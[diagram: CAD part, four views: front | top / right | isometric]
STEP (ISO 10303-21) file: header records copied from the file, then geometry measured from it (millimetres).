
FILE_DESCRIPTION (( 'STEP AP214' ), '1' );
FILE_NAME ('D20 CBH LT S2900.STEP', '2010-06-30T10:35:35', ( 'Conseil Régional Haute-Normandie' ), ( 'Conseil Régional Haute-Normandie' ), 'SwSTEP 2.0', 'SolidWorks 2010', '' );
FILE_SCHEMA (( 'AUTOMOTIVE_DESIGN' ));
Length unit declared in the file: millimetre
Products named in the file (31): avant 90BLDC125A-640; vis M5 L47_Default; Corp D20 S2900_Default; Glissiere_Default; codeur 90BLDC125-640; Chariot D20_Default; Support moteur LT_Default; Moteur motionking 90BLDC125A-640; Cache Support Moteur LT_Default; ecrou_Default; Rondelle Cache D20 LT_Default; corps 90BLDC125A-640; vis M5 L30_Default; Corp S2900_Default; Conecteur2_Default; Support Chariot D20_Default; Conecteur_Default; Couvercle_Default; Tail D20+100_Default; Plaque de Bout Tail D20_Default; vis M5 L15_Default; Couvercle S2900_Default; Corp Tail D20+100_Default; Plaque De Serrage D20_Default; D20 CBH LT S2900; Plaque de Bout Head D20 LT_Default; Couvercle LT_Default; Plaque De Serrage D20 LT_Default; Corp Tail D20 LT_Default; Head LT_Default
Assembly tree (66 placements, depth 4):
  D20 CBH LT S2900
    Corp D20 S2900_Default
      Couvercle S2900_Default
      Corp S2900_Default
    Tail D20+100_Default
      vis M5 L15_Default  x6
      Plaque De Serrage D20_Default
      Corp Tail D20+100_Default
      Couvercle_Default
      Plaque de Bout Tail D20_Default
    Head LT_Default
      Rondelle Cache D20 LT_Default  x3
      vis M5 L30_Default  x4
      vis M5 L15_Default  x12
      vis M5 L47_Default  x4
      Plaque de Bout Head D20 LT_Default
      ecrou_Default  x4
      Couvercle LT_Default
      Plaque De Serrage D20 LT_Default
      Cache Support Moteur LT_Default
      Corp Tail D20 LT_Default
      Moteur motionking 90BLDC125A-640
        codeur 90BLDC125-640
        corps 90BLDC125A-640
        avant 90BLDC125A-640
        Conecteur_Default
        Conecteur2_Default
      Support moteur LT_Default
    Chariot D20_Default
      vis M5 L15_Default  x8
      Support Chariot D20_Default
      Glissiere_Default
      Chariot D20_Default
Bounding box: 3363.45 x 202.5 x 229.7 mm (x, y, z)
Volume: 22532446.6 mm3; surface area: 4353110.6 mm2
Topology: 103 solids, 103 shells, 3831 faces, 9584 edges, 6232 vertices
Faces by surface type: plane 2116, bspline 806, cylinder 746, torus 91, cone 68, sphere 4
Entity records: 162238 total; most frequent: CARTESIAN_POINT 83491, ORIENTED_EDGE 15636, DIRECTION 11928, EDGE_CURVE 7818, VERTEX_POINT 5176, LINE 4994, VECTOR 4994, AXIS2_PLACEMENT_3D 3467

■ ■ ■

Exercise directions
Copy the material above exactly. Include every line.

Exercise response
[diagram: CAD part, four views: front | top / right | isometric]
STEP (ISO 10303-21) file: header records copied from the file, then geometry measured from it (millimetres).
FILE_DESCRIPTION (( 'STEP AP214' ), '1' );
FILE_NAME ('D20 CBH LT S2900.STEP', '2010-06-30T10:35:35', ( 'Conseil Régional Haute-Normandie' ), ( 'Conseil Régional Haute-Normandie' ), 'SwSTEP 2.0', 'SolidWorks 2010', '' );
FILE_SCHEMA (( 'AUTOMOTIVE_DESIGN' ));
Length unit declared in the file: millimetre
Products named in the file (31): avant 90BLDC125A-640; vis M5 L47_Default; Corp D20 S2900_Default; Glissiere_Default; codeur 90BLDC125-640; Chariot D20_Default; Support moteur LT_Default; Moteur motionking 90BLDC125A-640; Cache Support Moteur LT_Default; ecrou_Default; Rondelle Cache D20 LT_Default; corps 90BLDC125A-640; vis M5 L30_Default; Corp S2900_Default; Conecteur2_Default; Support Chariot D20_Default; Conecteur_Default; Couvercle_Default; Tail D20+100_Default; Plaque de Bout Tail D20_Default; vis M5 L15_Default; Couvercle S2900_Default; Corp Tail D20+100_Default; Plaque De Serrage D20_Default; D20 CBH LT S2900; Plaque de Bout Head D20 LT_Default; Couvercle LT_Default; Plaque De Serrage D20 LT_Default; Corp Tail D20 LT_Default; Head LT_Default
Assembly tree (66 placements, depth 4):
  D20 CBH LT S2900
    Corp D20 S2900_Default
      Couvercle S2900_Default
      Corp S2900_Default
    Tail D20+100_Default
      vis M5 L15_Default  x6
      Plaque De Serrage D20_Default
      Corp Tail D20+100_Default
      Couvercle_Default
      Plaque de Bout Tail D20_Default
    Head LT_Default
      Rondelle Cache D20 LT_Default  x3
      vis M5 L30_Default  x4
      vis M5 L15_Default  x12
      vis M5 L47_Default  x4
      Plaque de Bout Head D20 LT_Default
      ecrou_Default  x4
      Couvercle LT_Default
      Plaque De Serrage D20 LT_Default
      Cache Support Moteur LT_Default
      Corp Tail D20 LT_Default
      Moteur motionking 90BLDC125A-640
        codeur 90BLDC125-640
        corps 90BLDC125A-640
        avant 90BLDC125A-640
        Conecteur_Default
        Conecteur2_Default
      Support moteur LT_Default
    Chariot D20_Default
      vis M5 L15_Default  x8
      Support Chariot D20_Default
      Glissiere_Default
      Chariot D20_Default
Bounding box: 3363.45 x 202.5 x 229.7 mm (x, y, z)
Volume: 22532446.6 mm3; surface area: 4353110.6 mm2
Topology: 103 solids, 103 shells, 3831 faces, 9584 edges, 6232 vertices
Faces by surface type: plane 2116, bspline 806, cylinder 746, torus 91, cone 68, sphere 4
Entity records: 162238 total; most frequent: CARTESIAN_POINT 83491, ORIENTED_EDGE 15636, DIRECTION 11928, EDGE_CURVE 7818, VERTEX_POINT 5176, LINE 4994, VECTOR 4994, AXIS2_PLACEMENT_3D 3467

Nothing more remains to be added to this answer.